Each version of the License is given a distinguishing version number. If the Document specifies that a particular numbered version of this License "or any later version" applies to it, you have the option of following the terms and conditions either of that specified version or of any later version that has been published (not as a draft) by the Free Software Foundation. If the Document does not specify a version number of this License, you may choose any version ever published (not as a draft) by the Free Software Foundation. If the Document specifies that a proxy can decide which future versions of this License can be used, that proxy’s public statement of acceptance of a version permanently authorizes you to choose that version for the Document.

11. RELICENSING

"Massive Multiauthor Collaboration Site" (or "MMC Site") means any World Wide Web server that publishes copyrightable works and also provides prominent facilities for anybody to edit those works. A public wiki that anybody can edit is an example of such a server. A "Massive Multiauthor Collaboration" (or "MMC") contained in the site means any set of copyrightable works thus published on the MMC site.

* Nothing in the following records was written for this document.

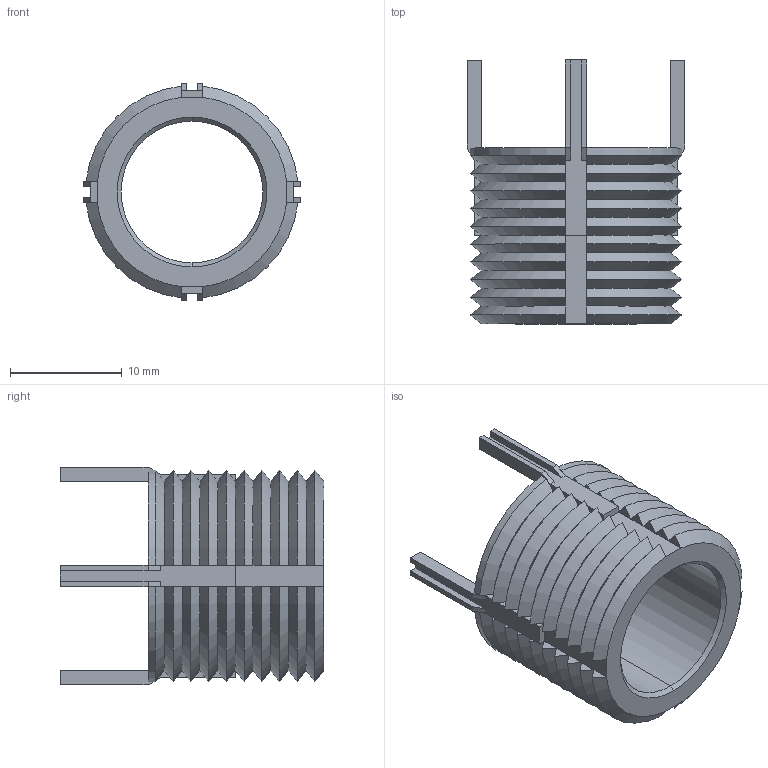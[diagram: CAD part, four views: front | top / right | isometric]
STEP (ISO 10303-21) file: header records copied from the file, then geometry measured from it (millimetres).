
FILE_DESCRIPTION (( 'STEP AP203' ), '1' );
FILE_NAME ('TR1565.66506.step', '2023-03-29T14:33:44', ( '' ), ( '' ), 'SwSTEP 2.0', 'SolidWorks 2019', '' );
FILE_SCHEMA (( 'CONFIG_CONTROL_DESIGN' ));
Length unit declared in the file: inch
Products named in the file (3): TR1565.66506; Part2_TR1565.66506; Part1_TR1565.66506
Assembly tree (5 placements, depth 2):
  TR1565.66506
    Part1_TR1565.66506
    Part2_TR1565.66506  x4
Bounding box: 19.5 x 23.62 x 19.5 mm (x, y, z)
Volume: 2086.6 mm3; surface area: 2687.4 mm2
Topology: 5 solids, 5 shells, 220 faces, 474 edges, 264 vertices
Faces by surface type: plane 134, cone 80, cylinder 6
Entity records: 5691 total; most frequent: CARTESIAN_POINT 1692, ORIENTED_EDGE 768, DIRECTION 708, EDGE_CURVE 384, AXIS2_PLACEMENT_3D 284, VERTEX_POINT 204, EDGE_LOOP 186, FACE_OUTER_BOUND 184
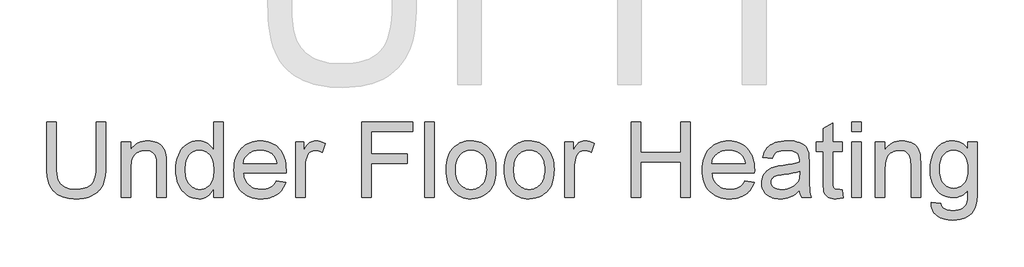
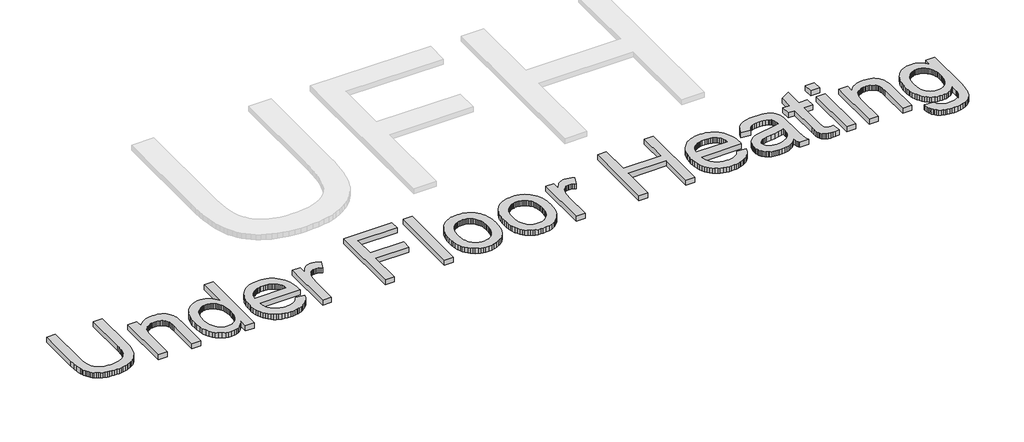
# One storey, part 26 of 26: 1 proxy.
"""IFC4 building model written with IfcOpenShell, lengths in millimetres."""

from ifc_helpers import new_model, si_unit, origin, origin_with_axes, place, context, project, spatial, polyline, outline, extrude, element, save

model = new_model("IFC4")

# Units and contexts
model_context = context("Model", 3, world=origin())
ifc_project = project(units=[si_unit("LENGTHUNIT", "METRE", prefix="MILLI")], contexts=[model_context])

# Site, building, storey
site = spatial("IfcSite", under=ifc_project)
building = spatial("IfcBuilding", under=site)
storey = spatial("IfcBuildingStorey", under=building, Name="Superpipe UFH", Elevation=0.0)

# Proxy
placement = place(None, origin())
element("IfcBuildingElementProxy", 1, Name="2000mm Arial", ObjectType="2000mm Arial", at=placement, inside=storey, context=model_context, shape_type="SweptSolid", body=[
    extrude(outline(polyline([(704.812307, 50255.293081), (955.9530823, 50255.293081), (955.9530823, 49096.2195415), (951.6917826, 48952.6995782), (938.9078832, 48824.7839428), (917.6013843, 48712.4726353), (903.7521601, 48662.1686046), (887.7722859, 48615.7656558), (869.0179684, 48572.3479162), (846.8454139, 48530.9995128), (821.2546226, 48491.7204456), (792.2455945, 48454.5107146), (759.8183295, 48419.3703199), (723.9728275, 48386.2992613), (684.7090888, 48355.297539), (642.0271131, 48326.365153), (595.903908, 48300.2110424), (546.3164807, 48277.5441465), (493.2648313, 48258.3644654), (436.7489598, 48242.6719991), (376.7688662, 48230.4667474), (313.3245504, 48221.7487106), (246.4160126, 48216.5178885), (176.0432526, 48214.7742811), (107.4984062, 48216.2917943), (42.1495347, 48220.844334), (-20.0033619, 48228.4319002), (-78.9602838, 48239.0544928), (-134.7212308, 48252.7121118), (-187.2862029, 48269.4047574), (-236.6552003, 48289.1324294), (-282.8282228, 48311.8951278), (-325.8091025, 48337.5357365), (-365.6016717, 48365.897139), (-402.2059302, 48396.9793355), (-435.6218781, 48430.7823259), (-465.8495154, 48467.3061103), (-492.888842, 48506.5506885), (-516.739858, 48548.5160607), (-537.4025634, 48593.2022268), (-555.2793291, 48641.352615), (-570.7725261, 48693.7106536), (-594.6082137, 48811.0496816), (-608.9096262, 48945.2193109), (-613.6767638, 49096.2195415), (-613.6767638, 50255.293081), (-362.5359884, 50255.293081), (-362.5359884, 49105.0487094), (-359.4396483, 48983.6323226), (-350.1506279, 48879.3531054), (-334.6689272, 48792.2110578), (-312.9945464, 48722.2061798), (-283.7785846, 48664.2800939), (-245.6721412, 48613.3744229), (-198.6752164, 48569.4891665), (-142.7878099, 48532.6243249), (-79.0829111, 48503.43902), (-8.633509, 48482.5923736), (68.5603963, 48470.0843857), (152.4988049, 48465.9150565), (224.3814139, 48467.9767285), (290.9144056, 48474.1617445), (352.0977799, 48484.4701046), (407.9315369, 48498.9018087), (458.4156765, 48517.4568568), (503.5501988, 48540.135249), (543.3351037, 48566.9369852), (577.7703913, 48597.8620654), (607.5458403, 48634.6502649), (633.3512294, 48679.041359), (655.1865587, 48731.0353477), (673.051828, 48790.6322309), (686.9470376, 48857.8320087), (696.8721872, 48932.634681), (702.827277, 49015.0402479), (704.812307, 49105.0487094), (704.812307, 50255.293081)])), origin_with_axes(), (0.0, 0.0, 1.0), 150.0),
    extrude(outline(polyline([(1364.0568423, 48246.166878), (1364.0568423, 49721.6189333), (1615.1976177, 49721.6189333), (1615.1976177, 49515.605016), (1656.6303274, 49571.2471678), (1702.4469642, 49619.470366), (1752.6475281, 49660.2746106), (1807.2320192, 49693.6599017), (1866.2004373, 49719.6262392), (1929.5527826, 49738.1736231), (1997.2890549, 49749.3020535), (2069.4092544, 49753.0115303), (2132.6083155, 49750.022489), (2193.2015458, 49741.0553654), (2251.1889453, 49726.1101594), (2306.570514, 49705.1868709), (2357.2462588, 49679.4044744), (2401.1161867, 49649.8819443), (2438.1802977, 49616.6192805), (2468.4385918, 49579.6164832), (2493.2859549, 49538.9195375), (2514.1172729, 49494.5744286), (2530.9325458, 49446.5811567), (2543.7317735, 49394.9397216), (2553.6645874, 49299.6582849), (2556.9755253, 49152.1376048), (2556.9755253, 48246.166878), (2305.83475, 48246.166878), (2305.83475, 49118.2924612), (2304.0259968, 49187.9141288), (2298.5997374, 49248.1548055), (2289.5559717, 49299.0144914), (2276.8946997, 49340.4931863), (2259.6502312, 49375.4266475), (2236.8568759, 49406.6506318), (2208.5146338, 49434.1651394), (2174.623505, 49457.9701701), (2136.3484491, 49477.176676), (2094.8544257, 49490.8956087), (2050.1414349, 49499.1269683), (2002.2094766, 49501.8707549), (1963.4017582, 49500.330249), (1925.9506047, 49495.7087315), (1889.856016, 49488.0062022), (1855.1179922, 49477.2226612), (1821.7365333, 49463.3581085), (1789.7116392, 49446.4125441), (1759.0433099, 49426.385968), (1729.7315455, 49403.2783802), (1702.8876562, 49375.8635073), (1679.6229521, 49342.9150761), (1659.9374333, 49304.4330866), (1643.8310997, 49260.4175387), (1631.3039513, 49210.8684325), (1622.3559882, 49155.7857679), (1616.9872103, 49095.169545), (1615.1976177, 49029.0197637), (1615.1976177, 48246.166878), (1364.0568423, 48246.166878)])), origin_with_axes(), (0.0, 0.0, 1.0), 150.0),
    extrude(outline(polyline([(3812.6794022, 48246.166878), (3812.6794022, 48483.0828829), (3777.0944834, 48420.1980544), (3737.5395047, 48365.6978696), (3694.0144661, 48319.5823287), (3646.5193677, 48281.8514315), (3595.0542094, 48252.5051782), (3539.6189913, 48231.5435687), (3480.2137133, 48218.966603), (3416.8383754, 48214.7742811), (3333.9422992, 48220.844334), (3254.4797882, 48239.0544928), (3178.4508425, 48269.4047574), (3105.8554622, 48311.8951278), (3038.9622527, 48365.2533455), (2980.0398198, 48428.207152), (2929.0881635, 48500.7565471), (2886.1072837, 48582.9015309), (2851.9862286, 48673.078605), (2827.6140465, 48769.7242708), (2812.9907372, 48872.8385284), (2808.1163007, 48982.4213777), (2812.6075267, 49089.9962044), (2826.0812048, 49192.4819969), (2848.5373349, 49289.8787552), (2879.9759171, 49382.1864791), (2920.3816229, 49466.7073675), (2943.941399, 49505.0360729), (2969.7391239, 49540.743619), (2997.7747977, 49573.830006), (3028.0484202, 49604.2952337), (3060.5599915, 49632.1393022), (3095.3095116, 49657.3622115), (3169.1464937, 49699.2087885), (3247.183462, 49729.0992006), (3329.4204163, 49747.0334478), (3415.8573568, 49753.0115303), (3479.0717463, 49748.7349021), (3538.7299431, 49735.9050175), (3594.8319474, 49714.5218765), (3647.3777591, 49684.5854792), (3695.7848982, 49647.8126081), (3739.4708852, 49605.9200459), (3778.4357198, 49558.9077926), (3812.6794022, 49506.7758482), (3812.6794022, 50255.293081), (4063.8201776, 50255.293081), (4063.8201776, 48246.166878), (3812.6794022, 48246.166878)]), holes=[polyline([(3059.2570761, 48983.4023963), (3061.0275082, 48920.4600862), (3066.3388045, 48861.6181275), (3075.190965, 48806.8765202), (3087.5839897, 48756.2352643), (3103.5178786, 48709.6943598), (3122.9926318, 48667.2538067), (3146.0082491, 48628.9136051), (3172.5647306, 48594.6737548), (3201.5277735, 48564.4959349), (3231.763075, 48538.3418243), (3263.270635, 48516.211423), (3296.0504537, 48498.104731), (3330.1025308, 48484.0217484), (3365.4268666, 48473.9624751), (3402.0234609, 48467.9269111), (3439.8923138, 48465.9150565), (3478.033246, 48467.8349406), (3514.7103145, 48473.5945931), (3549.9235193, 48483.1940139), (3583.6728602, 48496.6332031), (3615.9583374, 48513.9121605), (3646.7799508, 48535.0308863), (3676.1377004, 48559.9893804), (3704.0315863, 48588.7876429), (3729.4959182, 48621.5329725), (3751.5650058, 48658.3326684), (3770.2388491, 48699.1867303), (3785.5174482, 48744.0951585), (3797.4008031, 48793.0579528), (3805.8889137, 48846.0751132), (3810.9817801, 48903.1466398), (3812.6794022, 48964.2725326), (3810.9511233, 49031.3726757), (3805.7662864, 49093.8589654), (3797.1248916, 49151.7314018), (3785.0269389, 49204.9899848), (3769.4724283, 49253.6347144), (3750.4613598, 49297.6655907), (3727.9937333, 49337.0826137), (3702.069549, 49371.8857833), (3673.6161759, 49402.351011), (3643.5609834, 49428.7542083), (3611.9039712, 49451.0953753), (3578.6451396, 49469.374512), (3543.7844885, 49483.5916182), (3507.3220178, 49493.7466942), (3469.2577276, 49499.8397397), (3429.5916179, 49501.8707549), (3390.80306, 49499.9202139), (3353.6546427, 49494.0685909), (3318.146366, 49484.3158859), (3284.2782298, 49470.662099), (3252.0502342, 49453.10723), (3221.4623791, 49431.6512791), (3192.5146646, 49406.2942461), (3165.2070907, 49377.0361312), (3140.375056, 49343.5780301), (3118.8539593, 49305.6210389), (3100.6438006, 49263.1651574), (3085.7445797, 49216.2103856), (3074.1562969, 49164.7567237), (3065.878952, 49108.8041715), (3060.9125451, 49048.352729), (3059.2570761, 48983.4023963)])]), origin_with_axes(), (0.0, 0.0, 1.0), 150.0),
    extrude(outline(polyline([(5473.5439831, 48685.6632349), (5719.7796652, 48654.270638), (5702.5543572, 48603.4952585), (5682.0257755, 48555.6476065), (5658.19392, 48510.727682), (5631.0587907, 48468.7354851), (5600.6203877, 48429.6710157), (5566.878711, 48393.5342739), (5529.8337605, 48360.3252596), (5489.4855362, 48330.0439729), (5446.0333077, 48303.0276389), (5399.6763442, 48279.6134827), (5350.4146457, 48259.8015045), (5298.2482124, 48243.591704), (5243.1770441, 48230.9840815), (5185.201141, 48221.9786368), (5124.3205029, 48216.57537), (5060.5351299, 48214.7742811), (4980.4978033, 48217.8821175), (4904.7064481, 48227.2056268), (4833.1610642, 48242.744809), (4765.8616517, 48264.4996641), (4702.8082106, 48292.470192), (4644.0007408, 48326.6563929), (4589.4392424, 48367.0582666), (4539.1237154, 48413.6758131), (4493.9432078, 48465.9035602), (4454.786768, 48523.1360351), (4421.6543958, 48585.3732381), (4394.5460913, 48652.615169), (4373.4618544, 48724.8618279), (4358.4016852, 48802.1132148), (4349.3655837, 48884.3693297), (4346.3535499, 48971.6301725), (4349.3962406, 49061.860896), (4358.5243126, 49146.8952864), (4373.7377659, 49226.7333435), (4395.0366006, 49301.3750675), (4422.4208166, 49370.8204583), (4455.890414, 49435.0695159), (4495.4453926, 49494.1222404), (4541.0857527, 49547.9786316), (4591.5775565, 49596.0332172), (4645.6868666, 49637.6805248), (4703.413683, 49672.9205542), (4764.7580057, 49701.7533056), (4829.7198347, 49724.1787789), (4898.29917, 49740.1969741), (4970.4960115, 49749.8078912), (5046.3103594, 49753.0115303), (5119.6453359, 49749.8155554), (5189.5544112, 49740.2276309), (5256.0375856, 49724.2477568), (5319.0948588, 49701.8759329), (5378.726231, 49673.1121594), (5434.931702, 49637.9564363), (5487.711272, 49596.4087634), (5537.0649409, 49548.4691409), (5581.7281144, 49494.735377), (5620.4361981, 49435.8052799), (5653.189192, 49371.6788496), (5679.9870961, 49302.3560862), (5700.8299104, 49227.8369895), (5715.7176348, 49148.1215597), (5724.6502695, 49063.2097967), (5727.6278144, 48973.1017005), (5726.1562865, 48905.4114134), (4597.4943253, 48905.4114134), (4602.970402, 48853.7469857), (4612.0409925, 48805.1942265), (4624.7060966, 48759.7531359), (4640.9657144, 48717.4237138), (4660.8198458, 48678.2059603), (4684.2684909, 48642.0998753), (4711.3116496, 48609.1054589), (4741.949322, 48579.222711), (4775.3844304, 48552.6662295), (4810.8198972, 48529.6506121), (4848.2557223, 48510.175859), (4887.6919058, 48494.2419701), (4929.1284476, 48481.8489454), (4972.5653478, 48472.9967849), (5018.0026063, 48467.6854886), (5065.4402231, 48465.9150565), (5134.9086065, 48469.1953376), (5199.1040147, 48479.036181), (5258.0264476, 48495.4375866), (5311.6759052, 48518.3995544), (5360.0523876, 48548.5352212), (5403.1558947, 48586.4577235), (5440.9864265, 48632.1670615), (5473.5439831, 48685.6632349)]), holes=[polyline([(4597.4943253, 49156.5521887), (5476.4870391, 49156.5521887), (5463.5805124, 49227.6147275), (5442.5192682, 49289.2349617), (5413.3033064, 49341.4128913), (5375.9326271, 49384.1485164), (5342.8692327, 49411.7396661), (5307.4452623, 49435.6519957), (5269.6607157, 49455.8855055), (5229.515593, 49472.4401953), (5187.0098941, 49485.3160651), (5142.1436191, 49494.513115), (5094.916768, 49500.0313449), (5045.3293407, 49501.8707549), (4957.0223335, 49495.9999714), (4915.6164485, 49488.661492), (4876.0423093, 49478.3876209), (4838.2999158, 49465.178358), (4802.3892682, 49449.0337033), (4768.3103663, 49429.9536569), (4736.0632101, 49407.9382188), (4706.4831984, 49383.4625698), (4680.4057299, 49357.0018909), (4657.8308046, 49328.556182), (4638.7584224, 49298.1254432), (4623.1885834, 49265.7096745), (4611.1212875, 49231.3088758), (4602.5565348, 49194.9230473), (4597.4943253, 49156.5521887)])]), origin_with_axes(), (0.0, 0.0, 1.0), 150.0),
    extrude(outline(polyline([(5978.7685898, 48246.166878), (5978.7685898, 49721.6189333), (6198.5167683, 49721.6189333), (6198.5167683, 49503.3422829), (6239.9034927, 49573.1172346), (6279.6960619, 49629.8936892), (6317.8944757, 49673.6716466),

"CC-BY-SA" means the Creative Commons Attribution-Share Alike 3.0 license published by Creative Commons Corporation, a not-for-profit corporation with a principal place of business in San Francisco, California, as well as future copyleft versions of that license published by that same organization.

"Incorporate" means to publish or republish a Document, in whole or in part, as part of another Document.

An MMC is "eligible for relicensing" if it is licensed under this License, and if all works that were first published under this License somewhere other than this MMC, and subsequently incorporated in whole or in part into the MMC, (1) had no cover texts or invariant sections, and (2) were thus incorporated prior to November 1, 2008.

The operator of an MMC Site may republish an MMC contained in the site under CC-BY-SA on the same site at any time before August 1, 2009, provided the MMC is eligible for relicensing.